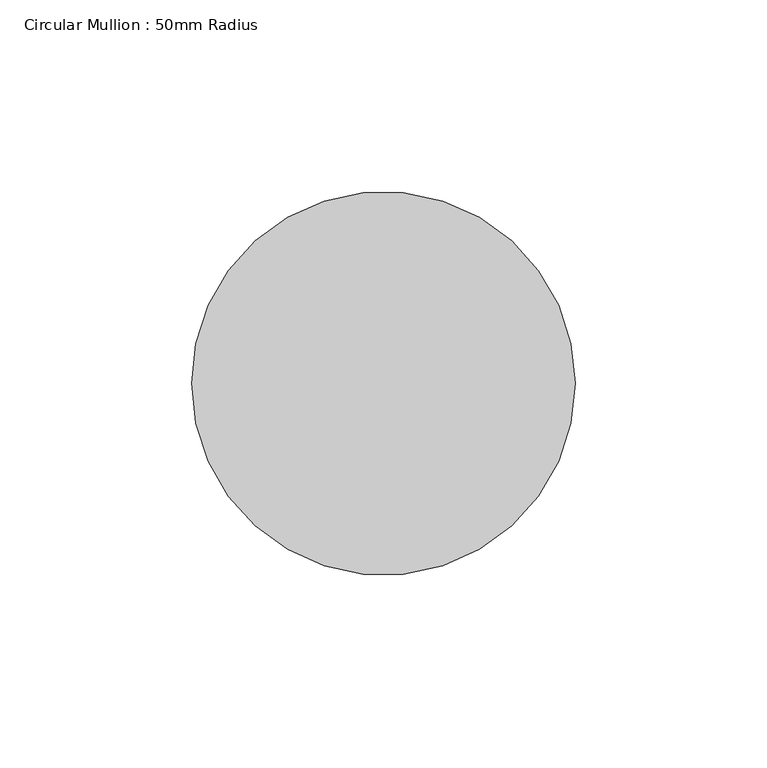
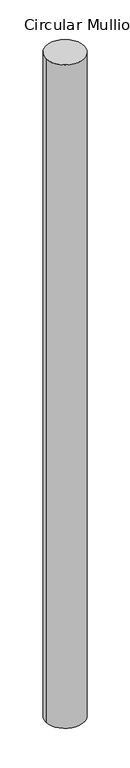
"""IFC4 building model written with IfcOpenShell, lengths in millimetres: member geometry, Circular Mullion : 50mm Radius."""

from ifc_helpers import new_model, si_unit, point, frame, origin, origin_2d, place, context, project, spatial, circle_curve, trimmed, segment, composite_curve, outline, extrude, source, transform, mapped, element, save


def circular_mullion_50mm_radius_9b437c65(model_context):
    return source(origin(), model_context, "Body", "SweptSolid", [
        extrude(outline(composite_curve([segment(trimmed(circle_curve(origin_2d(), 50.0), [point((50.0, 0.0))], [point((-50.0, 0.0))], False, "CARTESIAN"), True, "CONTINUOUS"), segment(trimmed(circle_curve(origin_2d(), 50.0), [point((-50.0, 0.0))], [point((50.0, 0.0))], False, "CARTESIAN"), True, "CONTINUOUS")], self_intersect=False)), frame((0.0, 0.0, -1825.2603389), z_axis=(0.0, 0.0, 1.0), x_axis=(1.0, 0.0, 0.0)), (0.0, 0.0, 1.0), 1825.2603389),
    ])


if __name__ == "__main__":
    model = new_model("IFC4")
    model_context = context("Model", 3, world=origin())
    ifc_project = project(units=[si_unit("LENGTHUNIT", "METRE", prefix="MILLI")], contexts=[model_context])
    site = spatial("IfcSite", under=ifc_project)
    building = spatial("IfcBuilding", under=site)
    placement = place(None, origin())
    circular_mullion_50mm_radius_shape = circular_mullion_50mm_radius_9b437c65(model_context)
    element("IfcMember", 1, ObjectType="Circular Mullion : 50mm Radius", at=placement, inside=building, context=model_context, shape_type="MappedRepresentation", body=[
        mapped(circular_mullion_50mm_radius_shape, transform((0.0, 0.0, 0.0), x_axis=(1.0, 0.0, 0.0), y_axis=(0.0, 1.0, 0.0), z_axis=(0.0, 0.0, 1.0))),
    ])
    save(model, "model.ifc")

# Revit data of these elements
# Type "Circular Mullion : 50mm Radius"
#   built-in parameter 1007350 = 0.164042 (stored number, unit not read)
# Element 1 (IfcMember, "Circular Mullion : 50mm Radius")
#   Materials on its faces: "Aluminium"
# Materials
#   "Aluminium": class "Metal", colour RGB 247 247 247, transparency 0, Description = "Aluminium 6061", Cost = 0

TASK GOAL:
Tally the lines of the data that contain the string "save" and report the total alone.

RESULT FOR THIS EXERCISE:
2